(Entries taken from a collection)

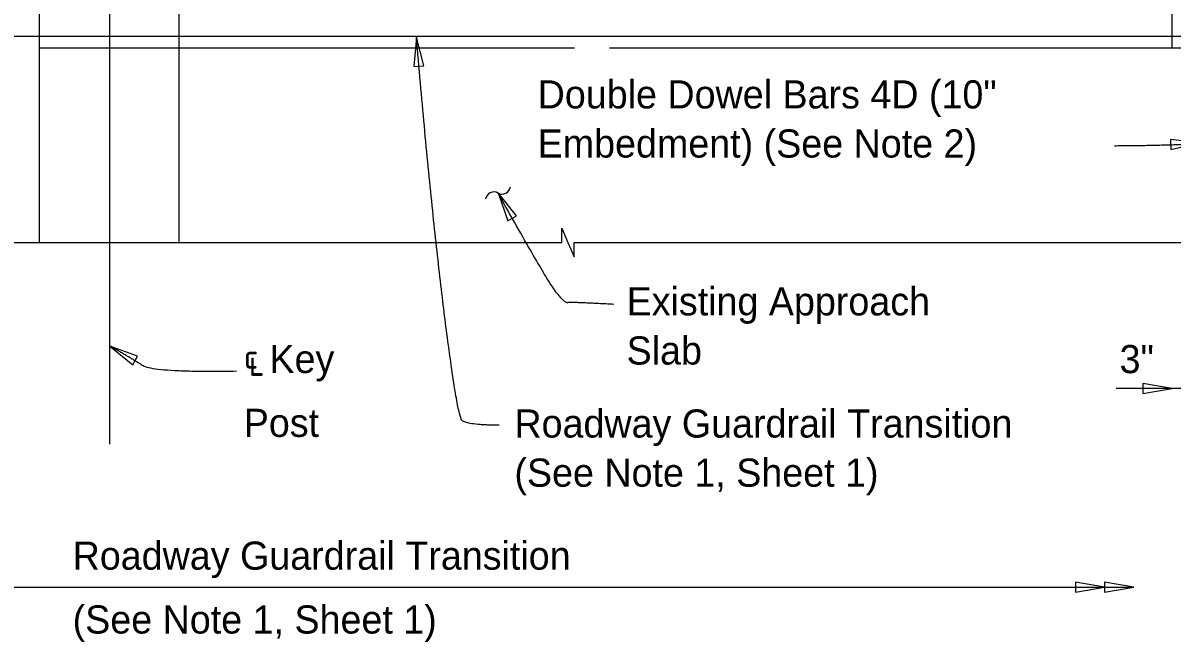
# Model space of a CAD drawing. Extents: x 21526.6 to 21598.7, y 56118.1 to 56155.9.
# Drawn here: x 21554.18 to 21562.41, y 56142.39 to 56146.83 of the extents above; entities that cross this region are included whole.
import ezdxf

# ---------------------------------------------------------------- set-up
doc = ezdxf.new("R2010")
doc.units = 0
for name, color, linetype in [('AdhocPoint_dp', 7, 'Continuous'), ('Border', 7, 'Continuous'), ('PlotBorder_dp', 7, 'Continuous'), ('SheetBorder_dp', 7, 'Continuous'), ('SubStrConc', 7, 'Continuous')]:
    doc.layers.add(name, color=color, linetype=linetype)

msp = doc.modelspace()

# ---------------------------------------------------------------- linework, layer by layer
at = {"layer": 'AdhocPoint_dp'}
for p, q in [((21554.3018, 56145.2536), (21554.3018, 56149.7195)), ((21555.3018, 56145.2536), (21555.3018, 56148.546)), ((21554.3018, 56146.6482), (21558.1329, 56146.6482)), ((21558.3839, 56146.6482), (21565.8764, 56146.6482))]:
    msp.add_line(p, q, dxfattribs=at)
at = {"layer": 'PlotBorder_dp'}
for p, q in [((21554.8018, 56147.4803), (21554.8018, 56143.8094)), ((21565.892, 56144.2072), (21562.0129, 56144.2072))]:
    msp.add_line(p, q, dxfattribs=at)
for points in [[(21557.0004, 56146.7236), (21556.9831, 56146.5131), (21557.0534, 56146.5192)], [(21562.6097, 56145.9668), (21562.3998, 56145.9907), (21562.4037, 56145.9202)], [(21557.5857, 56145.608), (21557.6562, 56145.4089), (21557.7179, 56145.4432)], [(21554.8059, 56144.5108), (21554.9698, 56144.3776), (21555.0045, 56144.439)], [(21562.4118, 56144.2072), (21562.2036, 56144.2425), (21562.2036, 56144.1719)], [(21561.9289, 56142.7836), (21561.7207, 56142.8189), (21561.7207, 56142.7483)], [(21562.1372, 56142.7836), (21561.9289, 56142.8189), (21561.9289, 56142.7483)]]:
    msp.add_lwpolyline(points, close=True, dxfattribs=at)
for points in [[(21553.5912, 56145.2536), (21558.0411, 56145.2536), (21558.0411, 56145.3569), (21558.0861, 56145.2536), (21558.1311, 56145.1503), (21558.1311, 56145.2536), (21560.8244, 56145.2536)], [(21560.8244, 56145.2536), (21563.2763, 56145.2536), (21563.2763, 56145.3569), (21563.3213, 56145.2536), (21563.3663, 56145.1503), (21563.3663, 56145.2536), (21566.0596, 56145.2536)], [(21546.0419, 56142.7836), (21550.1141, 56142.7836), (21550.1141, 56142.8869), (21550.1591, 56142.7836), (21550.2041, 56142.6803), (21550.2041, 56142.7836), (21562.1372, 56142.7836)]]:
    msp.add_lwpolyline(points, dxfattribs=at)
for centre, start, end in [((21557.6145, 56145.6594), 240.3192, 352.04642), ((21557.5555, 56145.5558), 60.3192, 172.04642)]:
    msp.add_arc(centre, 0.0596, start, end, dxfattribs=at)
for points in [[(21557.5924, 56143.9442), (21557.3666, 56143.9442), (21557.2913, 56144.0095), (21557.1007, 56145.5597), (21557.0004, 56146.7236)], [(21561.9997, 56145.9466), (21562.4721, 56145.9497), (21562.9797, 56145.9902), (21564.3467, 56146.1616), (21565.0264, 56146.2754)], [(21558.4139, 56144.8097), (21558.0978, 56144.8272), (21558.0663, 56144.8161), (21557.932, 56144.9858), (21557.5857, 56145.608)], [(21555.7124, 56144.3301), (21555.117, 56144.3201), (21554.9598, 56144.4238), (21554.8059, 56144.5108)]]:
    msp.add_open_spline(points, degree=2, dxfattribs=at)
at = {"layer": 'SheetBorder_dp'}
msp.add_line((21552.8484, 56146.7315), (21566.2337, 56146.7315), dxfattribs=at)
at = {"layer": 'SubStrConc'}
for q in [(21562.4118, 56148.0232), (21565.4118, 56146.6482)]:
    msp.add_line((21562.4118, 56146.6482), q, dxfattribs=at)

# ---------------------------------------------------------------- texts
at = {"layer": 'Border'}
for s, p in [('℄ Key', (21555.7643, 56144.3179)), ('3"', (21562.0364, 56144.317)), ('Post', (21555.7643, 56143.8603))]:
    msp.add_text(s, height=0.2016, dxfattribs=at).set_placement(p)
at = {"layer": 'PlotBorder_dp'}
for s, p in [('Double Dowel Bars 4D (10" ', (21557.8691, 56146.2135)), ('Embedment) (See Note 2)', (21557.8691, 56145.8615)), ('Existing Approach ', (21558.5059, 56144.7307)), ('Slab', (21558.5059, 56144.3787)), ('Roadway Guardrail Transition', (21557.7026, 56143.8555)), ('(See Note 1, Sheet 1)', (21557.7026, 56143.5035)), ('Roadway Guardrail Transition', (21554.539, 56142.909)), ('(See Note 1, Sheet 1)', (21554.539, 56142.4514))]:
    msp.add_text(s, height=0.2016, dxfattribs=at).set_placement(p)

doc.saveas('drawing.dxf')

Exercise requirements
All of the lines above must be printed again exactly, and no picture may appear in the copy.

The completed task
# Model space of a CAD drawing. Extents: x 21526.6 to 21598.7, y 56118.1 to 56155.9.
# Drawn here: x 21554.18 to 21562.41, y 56142.39 to 56146.83 of the extents above; entities that cross this region are included whole.
import ezdxf

# ---------------------------------------------------------------- set-up
doc = ezdxf.new("R2010")
doc.units = 0
for name, color, linetype in [('AdhocPoint_dp', 7, 'Continuous'), ('Border', 7, 'Continuous'), ('PlotBorder_dp', 7, 'Continuous'), ('SheetBorder_dp', 7, 'Continuous'), ('SubStrConc', 7, 'Continuous')]:
    doc.layers.add(name, color=color, linetype=linetype)

msp = doc.modelspace()

# ---------------------------------------------------------------- linework, layer by layer
at = {"layer": 'AdhocPoint_dp'}
for p, q in [((21554.3018, 56145.2536), (21554.3018, 56149.7195)), ((21555.3018, 56145.2536), (21555.3018, 56148.546)), ((21554.3018, 56146.6482), (21558.1329, 56146.6482)), ((21558.3839, 56146.6482), (21565.8764, 56146.6482))]:
    msp.add_line(p, q, dxfattribs=at)
at = {"layer": 'PlotBorder_dp'}
for p, q in [((21554.8018, 56147.4803), (21554.8018, 56143.8094)), ((21565.892, 56144.2072), (21562.0129, 56144.2072))]:
    msp.add_line(p, q, dxfattribs=at)
for points in [[(21557.0004, 56146.7236), (21556.9831, 56146.5131), (21557.0534, 56146.5192)], [(21562.6097, 56145.9668), (21562.3998, 56145.9907), (21562.4037, 56145.9202)], [(21557.5857, 56145.608), (21557.6562, 56145.4089), (21557.7179, 56145.4432)], [(21554.8059, 56144.5108), (21554.9698, 56144.3776), (21555.0045, 56144.439)], [(21562.4118, 56144.2072), (21562.2036, 56144.2425), (21562.2036, 56144.1719)], [(21561.9289, 56142.7836), (21561.7207, 56142.8189), (21561.7207, 56142.7483)], [(21562.1372, 56142.7836), (21561.9289, 56142.8189), (21561.9289, 56142.7483)]]:
    msp.add_lwpolyline(points, close=True, dxfattribs=at)
for points in [[(21553.5912, 56145.2536), (21558.0411, 56145.2536), (21558.0411, 56145.3569), (21558.0861, 56145.2536), (21558.1311, 56145.1503), (21558.1311, 56145.2536), (21560.8244, 56145.2536)], [(21560.8244, 56145.2536), (21563.2763, 56145.2536), (21563.2763, 56145.3569), (21563.3213, 56145.2536), (21563.3663, 56145.1503), (21563.3663, 56145.2536), (21566.0596, 56145.2536)], [(21546.0419, 56142.7836), (21550.1141, 56142.7836), (21550.1141, 56142.8869), (21550.1591, 56142.7836), (21550.2041, 56142.6803), (21550.2041, 56142.7836), (21562.1372, 56142.7836)]]:
    msp.add_lwpolyline(points, dxfattribs=at)
for centre, start, end in [((21557.6145, 56145.6594), 240.3192, 352.04642), ((21557.5555, 56145.5558), 60.3192, 172.04642)]:
    msp.add_arc(centre, 0.0596, start, end, dxfattribs=at)
for points in [[(21557.5924, 56143.9442), (21557.3666, 56143.9442), (21557.2913, 56144.0095), (21557.1007, 56145.5597), (21557.0004, 56146.7236)], [(21561.9997, 56145.9466), (21562.4721, 56145.9497), (21562.9797, 56145.9902), (21564.3467, 56146.1616), (21565.0264, 56146.2754)], [(21558.4139, 56144.8097), (21558.0978, 56144.8272), (21558.0663, 56144.8161), (21557.932, 56144.9858), (21557.5857, 56145.608)], [(21555.7124, 56144.3301), (21555.117, 56144.3201), (21554.9598, 56144.4238), (21554.8059, 56144.5108)]]:
    msp.add_open_spline(points, degree=2, dxfattribs=at)
at = {"layer": 'SheetBorder_dp'}
msp.add_line((21552.8484, 56146.7315), (21566.2337, 56146.7315), dxfattribs=at)
at = {"layer": 'SubStrConc'}
for q in [(21562.4118, 56148.0232), (21565.4118, 56146.6482)]:
    msp.add_line((21562.4118, 56146.6482), q, dxfattribs=at)

# ---------------------------------------------------------------- texts
at = {"layer": 'Border'}
for s, p in [('℄ Key', (21555.7643, 56144.3179)), ('3"', (21562.0364, 56144.317)), ('Post', (21555.7643, 56143.8603))]:
    msp.add_text(s, height=0.2016, dxfattribs=at).set_placement(p)
at = {"layer": 'PlotBorder_dp'}
for s, p in [('Double Dowel Bars 4D (10" ', (21557.8691, 56146.2135)), ('Embedment) (See Note 2)', (21557.8691, 56145.8615)), ('Existing Approach ', (21558.5059, 56144.7307)), ('Slab', (21558.5059, 56144.3787)), ('Roadway Guardrail Transition', (21557.7026, 56143.8555)), ('(See Note 1, Sheet 1)', (21557.7026, 56143.5035)), ('Roadway Guardrail Transition', (21554.539, 56142.909)), ('(See Note 1, Sheet 1)', (21554.539, 56142.4514))]:
    msp.add_text(s, height=0.2016, dxfattribs=at).set_placement(p)

doc.saveas('drawing.dxf')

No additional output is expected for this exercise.